• **Task**:
Begin at the top of the entries below and write out every line through the one containing "import ezdxf", excluding pictures.

[Stored records]
- - -

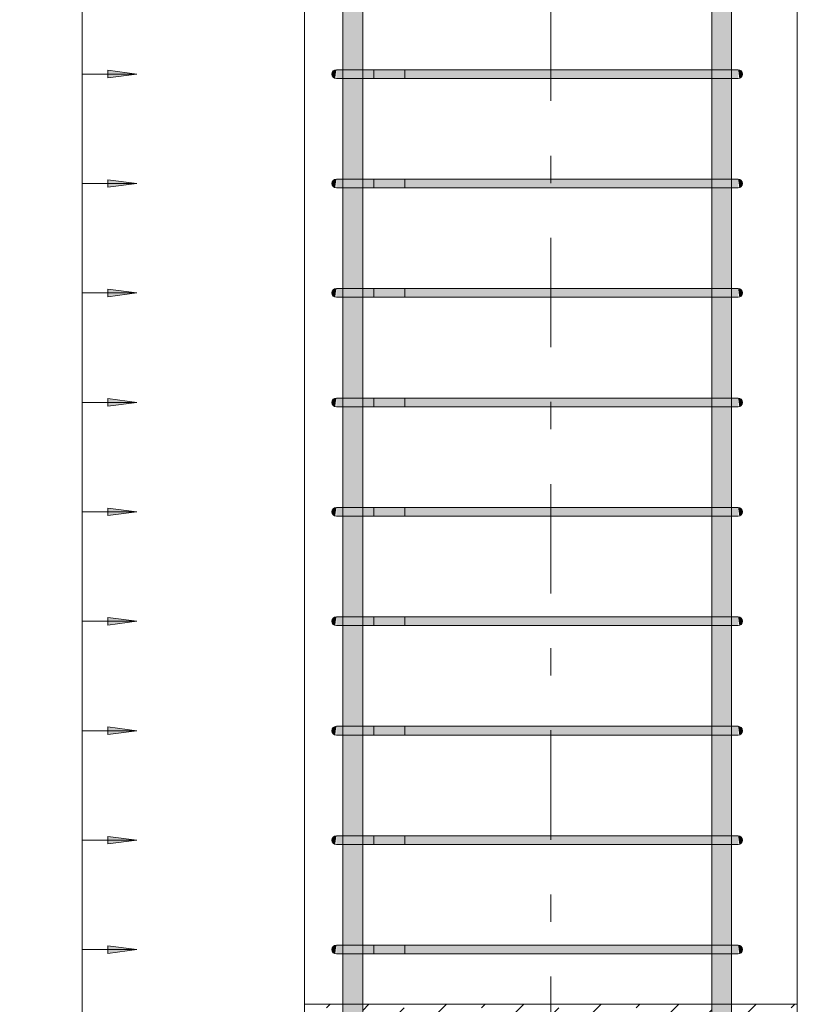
# Model space of a CAD drawing. Header units: millimetres. Extents: x 4307 to 42792, y 1610 to 10025.
# Tile 199 of 256: x 30787 to 31497, y 6370 to 7270. Entities that reach past the tile are written whole.
import ezdxf

# ---------------------------------------------------------------- set-up
doc = ezdxf.new("R2010")
doc.units = ezdxf.units.MM
doc.linetypes.add('Čára osnovy', pattern=[225, 100, -50, 25, -50])
for name, color, linetype, lineweight in [('A-ANNO-DIMS', 211, 'Continuous', 5), ('A-ANNO-DIMS-25', 211, 'Continuous', 5), ('S-BEAM', 12, 'Continuous', 9), ('S-COLS', 52, 'Continuous', 9), ('S-GRID', 1, 'Continuous', 5), ('S-RBAR', 171, 'Continuous', 5)]:
    doc.layers.add(name, color=color, linetype=linetype, lineweight=lineweight)
doc.styles.add('Arial_1', font='arial.ttf', dxfattribs={"height": 62.5})
doc.dimstyles.new('Výztuž_kusy__řezy__5', dxfattribs={"dimscale": 304.8, "dimtxt": 0.18, "dimasz": 0, "dimexe": 0, "dimexo": 0.0625, "dimgap": 0.082021, "dimtad": 1, "dimdec": 0, "dimzin": 0, "dimdsep": 46, "dimtxsty": 'Arial_1', "dimblk1": 'NONE', "dimblk2": 'NONE', "dimsah": 1, "dimcen": 0.09, "dimazin": 0, "dimtfac": 1, "dimtdec": 4, "dimtix": 1, "dimtmove": 0, "dimatfit": 3, "dimfxl": 0.164042, "dimfxlon": 1, "dimtvp": 1, "dimtfill": 1, "dimtolj": 1, "dimtzin": 0, "dimarcsym": 2})

# ---------------------------------------------------------------- blocks, each defined once
blk = doc.blocks.new('DIMBLOCK992-V3')
at = {"layer": 'A-ANNO-DIMS-25'}
for points in [[(30894.1, 6420), (30867.81, 6423.46), (30867.81, 6416.54)], [(30894.1, 6320), (30867.81, 6323.46), (30867.81, 6316.54)]]:
    blk.add_hatch(color=256, dxfattribs=at).paths.add_polyline_path(points)
for p, q in [((30844.1, 6320), (30844.1, 6420)), ((30844.1, 6420), (30844.1, 6420)), ((30844.1, 6420), (30894.1, 6420)), ((30894.1, 6420), (30867.81, 6423.46)), ((30867.81, 6423.46), (30867.81, 6416.54)), ((30867.81, 6416.54), (30894.1, 6420)), ((30844.1, 6320), (30844.1, 6320)), ((30844.1, 6320), (30894.1, 6320)), ((30894.1, 6320), (30867.81, 6323.46)), ((30867.81, 6323.46), (30867.81, 6316.54)), ((30867.81, 6316.54), (30894.1, 6320))]:
    blk.add_line(p, q, dxfattribs=at)
blk = doc.blocks.new('_None')
blk = doc.blocks.new('DIMBLOCK993-V3')
at = {"layer": 'A-ANNO-DIMS-25'}
for points in [[(30894.1, 6520), (30867.81, 6523.46), (30867.81, 6516.54)], [(30894.1, 6420), (30867.81, 6423.46), (30867.81, 6416.54)]]:
    blk.add_hatch(color=256, dxfattribs=at).paths.add_polyline_path(points)
for p, q in [((30894.1, 6520), (30867.81, 6523.46)), ((30867.81, 6523.46), (30867.81, 6516.54)), ((30844.1, 6420), (30844.1, 6520)), ((30844.1, 6520), (30844.1, 6520)), ((30844.1, 6520), (30894.1, 6520)), ((30867.81, 6516.54), (30894.1, 6520)), ((30844.1, 6420), (30844.1, 6420)), ((30844.1, 6420), (30894.1, 6420)), ((30894.1, 6420), (30867.81, 6423.46)), ((30867.81, 6423.46), (30867.81, 6416.54)), ((30867.81, 6416.54), (30894.1, 6420))]:
    blk.add_line(p, q, dxfattribs=at)
blk = doc.blocks.new('DIMBLOCK994-V3')
at = {"layer": 'A-ANNO-DIMS-25'}
for points in [[(30894.1, 6620), (30867.81, 6623.46), (30867.81, 6616.54)], [(30894.1, 6520), (30867.81, 6523.46), (30867.81, 6516.54)]]:
    blk.add_hatch(color=256, dxfattribs=at).paths.add_polyline_path(points)
for p, q in [((30894.1, 6620), (30867.81, 6623.46)), ((30867.81, 6623.46), (30867.81, 6616.54)), ((30844.1, 6520), (30844.1, 6620)), ((30844.1, 6620), (30844.1, 6620)), ((30844.1, 6620), (30894.1, 6620)), ((30867.81, 6616.54), (30894.1, 6620)), ((30894.1, 6520), (30867.81, 6523.46)), ((30867.81, 6523.46), (30867.81, 6516.54)), ((30844.1, 6520), (30844.1, 6520)), ((30844.1, 6520), (30894.1, 6520)), ((30867.81, 6516.54), (30894.1, 6520))]:
    blk.add_line(p, q, dxfattribs=at)
blk = doc.blocks.new('DIMBLOCK995-V3')
at = {"layer": 'A-ANNO-DIMS-25'}
for points in [[(30894.1, 6720), (30867.81, 6723.46), (30867.81, 6716.54)], [(30894.1, 6620), (30867.81, 6623.46), (30867.81, 6616.54)]]:
    blk.add_hatch(color=256, dxfattribs=at).paths.add_polyline_path(points)
for p, q in [((30894.1, 6720), (30867.81, 6723.46)), ((30867.81, 6723.46), (30867.81, 6716.54)), ((30844.1, 6620), (30844.1, 6720)), ((30844.1, 6720), (30844.1, 6720)), ((30844.1, 6720), (30894.1, 6720)), ((30867.81, 6716.54), (30894.1, 6720)), ((30894.1, 6620), (30867.81, 6623.46)), ((30867.81, 6623.46), (30867.81, 6616.54)), ((30844.1, 6620), (30844.1, 6620)), ((30844.1, 6620), (30894.1, 6620)), ((30867.81, 6616.54), (30894.1, 6620))]:
    blk.add_line(p, q, dxfattribs=at)
blk = doc.blocks.new('DIMBLOCK996-V3')
at = {"layer": 'A-ANNO-DIMS-25'}
for points in [[(30894.1, 6820), (30867.81, 6823.46), (30867.81, 6816.54)], [(30894.1, 6720), (30867.81, 6723.46), (30867.81, 6716.54)]]:
    blk.add_hatch(color=256, dxfattribs=at).paths.add_polyline_path(points)
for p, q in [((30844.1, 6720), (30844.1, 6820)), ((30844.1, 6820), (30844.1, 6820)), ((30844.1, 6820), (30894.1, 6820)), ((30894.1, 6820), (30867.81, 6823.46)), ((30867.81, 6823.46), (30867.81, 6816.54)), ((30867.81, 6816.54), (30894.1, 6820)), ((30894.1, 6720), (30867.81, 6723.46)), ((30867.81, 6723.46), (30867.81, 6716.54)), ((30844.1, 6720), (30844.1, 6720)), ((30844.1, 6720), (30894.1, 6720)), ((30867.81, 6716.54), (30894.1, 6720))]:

- - -

• **Response**:
# Model space of a CAD drawing. Header units: millimetres. Extents: x 4307 to 42792, y 1610 to 10025.
# Tile 199 of 256: x 30787 to 31497, y 6370 to 7270. Entities that reach past the tile are written whole.
import ezdxf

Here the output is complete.